Eight hints for retiring early
  
    It’s still possible to retire early if you start planning early and stick to the task. If you really want it you can do it.

    At least being in the financial position to retire early does give you a lot more options. These days though the chances of retiring while still a member of the fitness club rather than the bowling club are pretty slim. Or are they? A number of financial experts suggest that an early retirement is possible.

1.Start early, maintain discipline, budget wisely

    It sounds pretty simple, but, it’s all about setting goals early and being disciplined. It’s not just about saving money, but about investing money in growth assets like shares and property, rather than in lifestyle assets such as luxury cars and extravagant holidays.

2. Matching goals to reality

    While discipline is crucial, goal-setting is also important. To retire early, you have to work out realistic lifestyle goals now and when you retire.

3. You need cash flow

    People who achieve reasonable cash flow and invest wisely are more likely to retire early. A well-paid job in the right industry or your own small business will help your cause, especially if you get your "foot in the door" early.

4. More risk equals better returns

    To get better investment returns, you must be prepared to take more risk. Starting early and sticking to your investment strategy, you have the potential to create significant wealth and retire early. And if it goes wrong, you’ll still be young enough to start over. Determine your risk “comfort levels” and invest accordingly.

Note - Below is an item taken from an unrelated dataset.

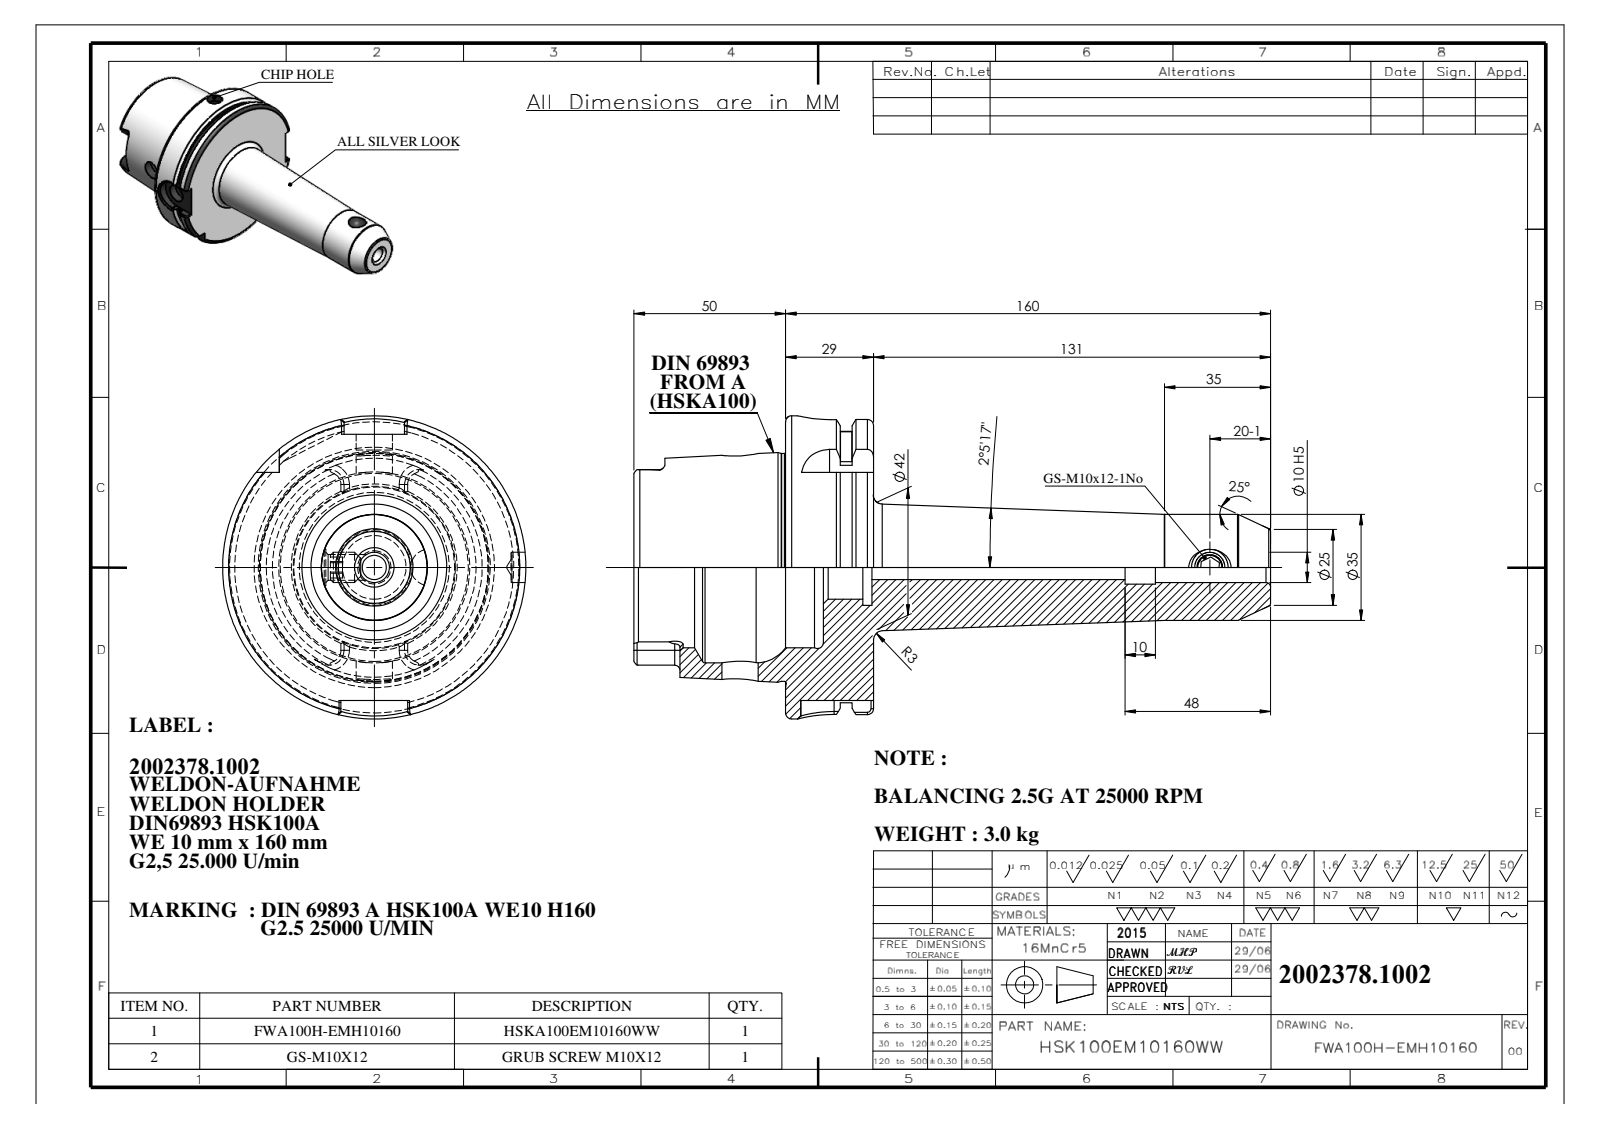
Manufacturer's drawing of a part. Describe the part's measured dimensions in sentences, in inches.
The part is named "HSKA100EM10160WW; M10X10; 91100A-WE810160". Its 3-D file was written by "SolidWorks 2018 (CONFIG_CONTROL_DESIGN)". It is 2 solids with 209 faces: 64 planar, 58 cylindrical and 87 other. Overall it measures 8.268 by 3.937 by 3.937 inches. Its volume is 23.69 cubic inches and its surface area 106 square inches. Round holes: 3 of diameter 0.472, 2 of diameter 0.394, 1 of diameter 0.315, 1 of diameter 0.335, 1 of diameter 0.433, 1 of diameter 0.827, 1 of diameter 0.984, 1 of diameter 2.087, 1 of diameter 2.48. Round bosses or shafts: 1 of diameter 3.937, 1 of diameter 3.622, 1 of diameter 2.959, 1 of diameter 1.378, 1 of diameter 0.394. Partial cylindrical surfaces (rounded edges, fillets, slot ends): 6 of radius 0.071, 4 of radius 0.192, 2 of radius 0.394, 1 of radius 0.433. The main face-to-face distances are 1.142, 0.492, 0.65, 1.969, 2.461, 3.11, 0.02, 3.091, 1.122, 0.63. The hole center spacings are 1.181, 5.236.

5. Taking a direct approach

    Those who retire early tend to take a "Do It Yourself" approach rather than relying on managed investment vehicles for building wealth. Many early retirees might have built their wealth through a successful career or business.Those are individuals who are used to having "hands on" and aren’t comfortable with somebody else managing their money. They will only outsource the management of their money if they don’t have easy access to a particular investment.

6. Gearing

    Gearing is a common strategy for investors who don’t have the funds to buy an investment outright, yet want to access the long-term rewards offered by quality assets like shares, property, or even artworks. By combining borrowed funds with your own money, you are better positioned to reach your financial goals – and reach them faster. But be warned, gearing involves risk, and the higher the gearing, the higher the risk.





7. How the tax system can help

    While gearing is becoming more popular, understanding the tax implications of an investment are also very important. Borrowing money for an investment that is not producing the returns you need after tax has been deducted, will cause you to become unstuck.

8. Super as a safety net

    It is suggested that if your other strategies don’t work, making extra super contributions can provide a “buffer zone”. However, it’s not necessarily the best strategy if you’re planning an early retirement. Preservation age is currently 55, but will gradually increase to 60 by 2015.